Тот удивленно посмотрел на девочку, сдвинув на бок кошомную шляпу, почесал за ухом и показал в сторону помоста.

— Иди вон туда, в караульное помещение... Ты что, не дочка ли будешь ей?

— Дочь.

— Ну, иди,— сказал он и снова принялся выгребать руду.

Оля побежала к помосту, где стояла каменная сторожка. Она распахнула дверь и замерла на месте. На скамейке, возле стены, лежала ее мать и стонала.

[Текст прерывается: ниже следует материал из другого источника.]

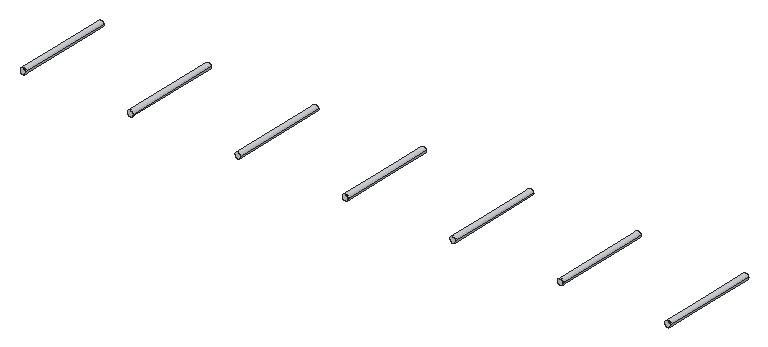
Revit family "Dorn_LD_16-270_Zn_p_i_t_4031206", category Generic Models, Revit 2019
Family settings
  Can host rebar = No
  Round Connector Dimension = Use Diameter
  Part Type = Normal
  Work Plane-Based = Yes
  Always vertical = No
  Cut with Voids When Loaded = No
  Shared = No
  Room Calculation Point = No
Parameters (values of type "16/270 Zn")
  Website Link [instance] = "https://haucon.dk/produkt/dorn-ld/#variations"
  Total Width = 270 mm
  Total Length [instance] = 2440 mm
  Technical Data Sheet [instance] = "https://haucon.dk/wp-content/uploads/2018/02/TA-Dorn-LD-TI-DK.pdf"
  Metal = Steel, Galvanized
  Height Dowel [instance] = 0 mm
  Dowel count [instance] = (Total Length / Distance) - 1  # 7
  Distance from start [instance] = 300 mm
  Distance [instance] = 300 mm
  Diameter = 16 mm
  Default Elevation = 1219.2 mm
Types (5, lengths in mm): name | Website Link | Total Width | Metal | Diameter
  (no name) | "https://haucon.dk/produkt/dorn-ld/#variations" | 270 | Steel, Galvanized | 16
  20/320 A4 | "https://haucon.dk/produkt/dorn-ld/#variations" | 320 | Stainless Steel A4 | 20
  16/270 A4 | "https://haucon.dk/produkt/dorn-ld/#variations" | 270 | Stainless Steel A4 | 16
  16/270 Zn | "https://haucon.dk/produkt/dorn-ld/#variations" | 270 | Steel, Galvanized | 16
  20/320 Zn | "https://haucon.dk/produkt/dorn-ld/" | 320 | Steel, Galvanized | 20
Reference planes
  plane 1 "Center (Front/Back)": y = 0
  plane 2: z = 0
  plane 3 "Center (Left/Right)": x = 0
  plane 4: x = 2440
  plane 5: x = 300
  plane 6: x = 600
  plane 7: x = 900
  plane 8: x = 1200
  plane 9: x = 1500
  plane 10: x = 1800
  plane 11: x = 2100
Dimensions and locks
  equal spacing: group 1, group 2, group 3, group 4, group 5, group 6, group 7  (x3)
  "Total Length": plane 3 "Center (Left/Right)" to plane 4
  "Distance from start": plane 3 "Center (Left/Right)" to plane 5
  "Distance": plane 5 to plane 6
  aligned and locked: level to plane 2
Nested families
  nested 1: "Family1" at (273.576, 0, 0), Diameter <- "Diameter", Height Dowel <- "Height Dowel", Total Width <- "Total Width", type "Family1"
    with Total Width 270 mm, Height Dowel 0 mm, Diameter 16 mm
  nested 2: "Family1" at (573.576, 0, 0), Diameter <- "Diameter", Height Dowel <- "Height Dowel", Total Width <- "Total Width", type "Family1"
    with Total Width 270 mm, Height Dowel 0 mm, Diameter 16 mm
  nested 3: "Family1" at (873.576, 0, 0), Diameter <- "Diameter", Height Dowel <- "Height Dowel", Total Width <- "Total Width", type "Family1"
    with Total Width 270 mm, Height Dowel 0 mm, Diameter 16 mm
  nested 4: "Family1" at (1173.576, 0, 0), Diameter <- "Diameter", Height Dowel <- "Height Dowel", Total Width <- "Total Width", type "Family1"
    with Total Width 270 mm, Height Dowel 0 mm, Diameter 16 mm
  nested 5: "Family1" at (1473.576, 0, 0), Diameter <- "Diameter", Height Dowel <- "Height Dowel", Total Width <- "Total Width", type "Family1"
    with Total Width 270 mm, Height Dowel 0 mm, Diameter 16 mm
  nested 6: "Family1" at (1773.576, 0, 0), Diameter <- "Diameter", Height Dowel <- "Height Dowel", Total Width <- "Total Width", type "Family1"
    with Total Width 270 mm, Height Dowel 0 mm, Diameter 16 mm
  nested 7: "Family1" at (2073.576, 0, 0), Diameter <- "Diameter", Height Dowel <- "Height Dowel", Total Width <- "Total Width", type "Family1"
    with Total Width 270 mm, Height Dowel 0 mm, Diameter 16 mm
Definition of nested family "Family1"
  Parameters (values of type "Family1")
    Total Width [instance] = 320 mm
    Height Dowel [instance] = 100 mm
    Diameter [instance] = 20 mm
    Default Elevation = 1219.2 mm
  Reference planes
    plane 1 "Center (Front/Back)": y = 0
    plane 2: z = 0
    plane 3 "Center (Left/Right)": x = 0
    plane 4: y = 160
    plane 5: y = -160
    plane 6: x = -140
    plane 7: x = 140
    plane 8 "Dowel Height": z = 100
  Forms (mm)
    Extrusion 1, solid
      sketch origin (8.617, 0, 0) x (1, 0, 0) y (0, 0, 1)
        loop
          circle (17.807, 100) r 10
      from -160 to 160
  Dimensions and locks
    plane 6 to plane 7 = 280 mm
    equal spacing: plane 6, plane 3 "Center (Left/Right)", plane 7
    equal spacing: plane 4, plane 1 "Center (Front/Back)", plane 5
    "Total Width": plane 4 to plane 5
    "Height Dowel": plane 8 "Dowel Height" to level
    "Diameter": diameter of Extrusion 1 sketch curve
    aligned and locked: level to plane 2
    aligned and locked: plane 8 "Dowel Height" to Extrusion 1
    aligned and locked: plane 4 to Extrusion 1
    aligned and locked: plane 5 to Extrusion 1
  Automatic sketch dimensions
    Extrusion 1 sketch curve to plane 8 "Dowel Height" = 0 mm
    plane 3 "Center (Left/Right)" to Extrusion 1 sketch curve = 26.424 mm
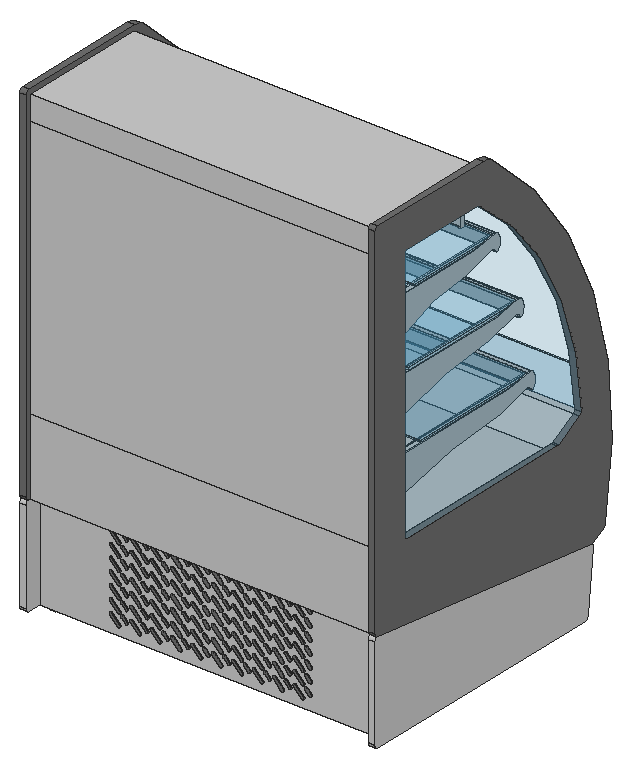
Revit family "QF_INFRICO_VBR9SS_250815092508", category Specialty Equipment, Revit 2021 (continued)
Definition of nested family "QF_INFRICO_VBR9SS_2920"
  Forms (mm)
    Extrusion 56, solid
      sketch origin (1643.376, -765.123, -1.698) x (-1, 0, 0) y (0, 0, 1)
        loop
          arc (1058.896, 64.284) -> (1058.896, 70.648) -> (1052.532, 70.648) r 4.5
          line (1052.532, 70.648) -> (1030.612, 48.728)
          arc (1030.612, 48.728) -> (1030.612, 42.364) -> (1036.976, 42.364) r 4.5
        loop
          line (1016.219, 55.335) -> (1027.532, 66.648)
          arc (1027.532, 66.648) -> (1027.532, 73.012) -> (1021.168, 73.012) r 4.5
          line (1021.168, 73.012) -> (1009.855, 61.698)
          arc (1009.855, 61.698) -> (1009.855, 55.335) -> (1016.219, 55.335) r 4.5
        loop
          line (1036.976, 76.364) -> (1058.896, 98.284)
          arc (1058.896, 98.284) -> (1058.896, 104.648) -> (1052.532, 104.648) r 4.5
          line (1052.532, 104.648) -> (1030.612, 82.728)
          arc (1030.612, 82.728) -> (1030.612, 76.364) -> (1036.976, 76.364) r 4.5
        loop
          line (1016.219, 89.335) -> (1027.532, 100.648)
          arc (1027.532, 100.648) -> (1027.532, 107.012) -> (1021.168, 107.012) r 4.5
          line (1021.168, 107.012) -> (1009.855, 95.698)
          arc (1009.855, 95.698) -> (1009.855, 89.335) -> (1016.219, 89.335) r 4.5
        loop
          line (1036.976, 110.364) -> (1058.896, 132.284)
          arc (1058.896, 132.284) -> (1058.896, 138.648) -> (1052.532, 138.648) r 4.5
          line (1052.532, 138.648) -> (1030.612, 116.728)
          arc (1030.612, 116.728) -> (1030.612, 110.364) -> (1036.976, 110.364) r 4.5
        loop
          line (1016.219, 123.335) -> (1027.532, 134.648)
          arc (1027.532, 134.648) -> (1027.532, 141.012) -> (1021.168, 141.012) r 4.5
          line (1021.168, 141.012) -> (1009.855, 129.698)
          arc (1009.855, 129.698) -> (1009.855, 123.335) -> (1016.219, 123.335) r 4.5
        loop
          line (1036.976, 144.364) -> (1058.896, 166.284)
          arc (1058.896, 166.284) -> (1058.896, 172.648) -> (1052.532, 172.648) r 4.5
          line (1052.532, 172.648) -> (1030.612, 150.728)
          arc (1030.612, 150.728) -> (1030.612, 144.364) -> (1036.976, 144.364) r 4.5
        loop
          line (1016.219, 157.335) -> (1027.532, 168.648)
          arc (1027.532, 168.648) -> (1027.532, 175.012) -> (1021.168, 175.012) r 4.5
          line (1021.168, 175.012) -> (1009.855, 163.698)
          arc (1009.855, 163.698) -> (1009.855, 157.335) -> (1016.219, 157.335) r 4.5
        loop
          line (1036.976, 178.364) -> (1058.896, 200.284)
          arc (1058.896, 200.284) -> (1058.896, 206.648) -> (1052.532, 206.648) r 4.5
          line (1052.532, 206.648) -> (1030.612, 184.728)
          arc (1030.612, 184.728) -> (1030.612, 178.364) -> (1036.976, 178.364) r 4.5
        loop
          line (1016.219, 191.335) -> (1027.532, 202.648)
          arc (1027.532, 202.648) -> (1027.532, 209.012) -> (1021.168, 209.012) r 4.5
          line (1021.168, 209.012) -> (1009.855, 197.698)
          arc (1009.855, 197.698) -> (1009.855, 191.335) -> (1016.219, 191.335) r 4.5
        loop
          line (1036.976, 212.364) -> (1058.896, 234.284)
          arc (1058.896, 234.284) -> (1058.896, 240.648) -> (1052.532, 240.648) r 4.5
          line (1052.532, 240.648) -> (1030.612, 218.728)
          arc (1030.612, 218.728) -> (1030.612, 212.364) -> (1036.976, 212.364) r 4.5
        loop
          line (1016.219, 225.335) -> (1027.532, 236.648)
          arc (1027.532, 236.648) -> (1027.532, 243.012) -> (1021.168, 243.012) r 4.5
          line (1021.168, 243.012) -> (1009.855, 231.698)
          arc (1009.855, 231.698) -> (1009.855, 225.335) -> (1016.219, 225.335) r 4.5
        loop
          line (1036.976, 246.364) -> (1058.896, 268.284)
          arc (1058.896, 268.284) -> (1058.896, 274.648) -> (1052.532, 274.648) r 4.5
          line (1052.532, 274.648) -> (1030.612, 252.728)
          arc (1030.612, 252.728) -> (1030.612, 246.364) -> (1036.976, 246.364) r 4.5
        loop
          line (1016.219, 259.335) -> (1027.532, 270.648)
          arc (1027.532, 270.648) -> (1027.532, 277.012) -> (1021.168, 277.012) r 4.5
          line (1021.168, 277.012) -> (1009.855, 265.698)
          arc (1009.855, 265.698) -> (1009.855, 259.335) -> (1016.219, 259.335) r 4.5
        loop
          line (980.976, 42.364) -> (1002.896, 64.284)
          arc (1002.896, 64.284) -> (1002.896, 70.648) -> (996.532, 70.648) r 4.5
          line (996.532, 70.648) -> (974.612, 48.728)
          arc (974.612, 48.728) -> (974.612, 42.364) -> (980.976, 42.364) r 4.5
        loop
          line (960.219, 55.335) -> (971.532, 66.648)
          arc (971.532, 66.648) -> (971.532, 73.012) -> (965.168, 73.012) r 4.5
          line (965.168, 73.012) -> (953.855, 61.698)
          arc (953.855, 61.698) -> (953.855, 55.335) -> (960.219, 55.335) r 4.5
        loop
          line (980.976, 76.364) -> (1002.896, 98.284)
          arc (1002.896, 98.284) -> (1002.896, 104.648) -> (996.532, 104.648) r 4.5
          line (996.532, 104.648) -> (974.612, 82.728)
          arc (974.612, 82.728) -> (974.612, 76.364) -> (980.976, 76.364) r 4.5
        loop
          line (960.219, 89.335) -> (971.532, 100.648)
          arc (971.532, 100.648) -> (971.532, 107.012) -> (965.168, 107.012) r 4.5
          line (965.168, 107.012) -> (953.855, 95.698)
          arc (953.855, 95.698) -> (953.855, 89.335) -> (960.219, 89.335) r 4.5
        loop
          line (980.976, 110.364) -> (1002.896, 132.284)
          arc (1002.896, 132.284) -> (1002.896, 138.648) -> (996.532, 138.648) r 4.5
          line (996.532, 138.648) -> (974.612, 116.728)
          arc (974.612, 116.728) -> (974.612, 110.364) -> (980.976, 110.364) r 4.5
        loop
          line (960.219, 123.335) -> (971.532, 134.648)
          arc (971.532, 134.648) -> (971.532, 141.012) -> (965.168, 141.012) r 4.5
          line (965.168, 141.012) -> (953.855, 129.698)
          arc (953.855, 129.698) -> (953.855, 123.335) -> (960.219, 123.335) r 4.5
        loop
          line (980.976, 144.364) -> (1002.896, 166.284)
          arc (1002.896, 166.284) -> (1002.896, 172.648) -> (996.532, 172.648) r 4.5
          line (996.532, 172.648) -> (974.612, 150.728)
          arc (974.612, 150.728) -> (974.612, 144.364) -> (980.976, 144.364) r 4.5
        loop
          line (960.219, 157.335) -> (971.532, 168.648)
          arc (971.532, 168.648) -> (971.532, 175.012) -> (965.168, 175.012) r 4.5
          line (965.168, 175.012) -> (953.855, 163.698)
          arc (953.855, 163.698) -> (953.855, 157.335) -> (960.219, 157.335) r 4.5
        loop
          line (980.976, 178.364) -> (1002.896, 200.284)
          arc (1002.896, 200.284) -> (1002.896, 206.648) -> (996.532, 206.648) r 4.5
          line (996.532, 206.648) -> (974.612, 184.728)
          arc (974.612, 184.728) -> (974.612, 178.364) -> (980.976, 178.364) r 4.5
        loop
          line (960.219, 191.335) -> (971.532, 202.648)
          arc (971.532, 202.648) -> (971.532, 209.012) -> (965.168, 209.012) r 4.5
          line (965.168, 209.012) -> (953.855, 197.698)
          arc (953.855, 197.698) -> (953.855, 191.335) -> (960.219, 191.335) r 4.5
        loop
          line (980.976, 212.364) -> (1002.896, 234.284)
          arc (1002.896, 234.284) -> (1002.896, 240.648) -> (996.532, 240.648) r 4.5
          line (996.532, 240.648) -> (974.612, 218.728)
          arc (974.612, 218.728) -> (974.612, 212.364) -> (980.976, 212.364) r 4.5
        loop
          line (960.219, 225.335) -> (971.532, 236.648)
          arc (971.532, 236.648) -> (971.532, 243.012) -> (965.168, 243.012) r 4.5
          line (965.168, 243.012) -> (953.855, 231.698)
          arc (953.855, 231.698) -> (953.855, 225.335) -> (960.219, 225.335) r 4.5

Около нее в таком же буром, как у матери, холщевом фартуке сидела женщина. Оля хотела кинуться к матери, но женщина предупреждающе остановила ее.

— Погоди... Пойдем-кось, отсюда...

Выйдя из сторожки, она сказала:

— Не трожь ее... Она малость успокоилась. Беда с твоей матерью случилась...

Оля вопросительно посмотрела на женщину. А та ровным голосом продолжала, точно не замечая ее тревоги:

— Ты иди домой и успокойся... Не показывайся ей, не тревожь ее. Скоро придет лошадь, по лошадь убежали... В больницу ее свезем. А потом домой приведем... Я не пойду домой-то, все сделаю, иди.

— Так хоть что с ней?..— нетерпеливо, чуть не плача, вскричала Оля.

— Ну, что с ней... Узнаешь потом... Ты не бойся, ничего страшного нету. Все обыкновенное в нашем женском деле... Иди домой.

— Нет, ты скажи, что с ней?

— О, господи, какая ты любопытная!.. Ребеночек родился у матери твоей... Иди...

— А где ребеночек?

— На что он тебе понадобился, ребеночек, не надо тебе его...

— Нет, надо, я его домой унесу.

— Глупая, не понесешь ты его... Мертвый ребеночек родился. Надсадилась она и скинула... Иди, говорю, я...

К сторожке подошел караульный.

— Не увезли еще? — тихо спросил он женщину.

— Нет еще.

— А это кто?

— Дочка... Прибежала, беспокоится.

— Эка беда какая,— проговорил сторож с сожалением. Помолчав, он сказал: — А Сергею Александровичу здорово влетело от управителя. «Какое, говорит, имеешь право принимать на работу беременных баб? Мало, говорит, шляется ихней сестры?!».— Ирод!.. Право, ирод!.. Сергей Александрович точно мог знать, что она в тягости... Другая и брюхо подберет, чтобы как-нибудь свой грех спрятать. Все есть хотят... Нужда... Без нужды баб не потащит на эту работу... Не женское дело восьми-пудовые тачки возить. Небось голодный в любую дыру голову свою сунет, лишь бы напичкать чем брюхо-то... Ирод!.. Право, ирод!..

— Сыт голодного не разумеет, Сафроныч, батюшка,— проговорила женщина.

Из сторожки послышался глухой стон. Женщина торопливо ушла туда. Сторож молча потоптался возле Оли и сказал:

— Ты, милая, уходи отсюда. Не полагается здесь, строго воспрещается посторонним лицам быть... Привезут домой, тогда увидишь. Ничего!.. Ну, скинула, грех да беда на ком не живет?.. Выздоровеет... Баба крепкая... Иди, родная, а то неровен час, начальство увидит.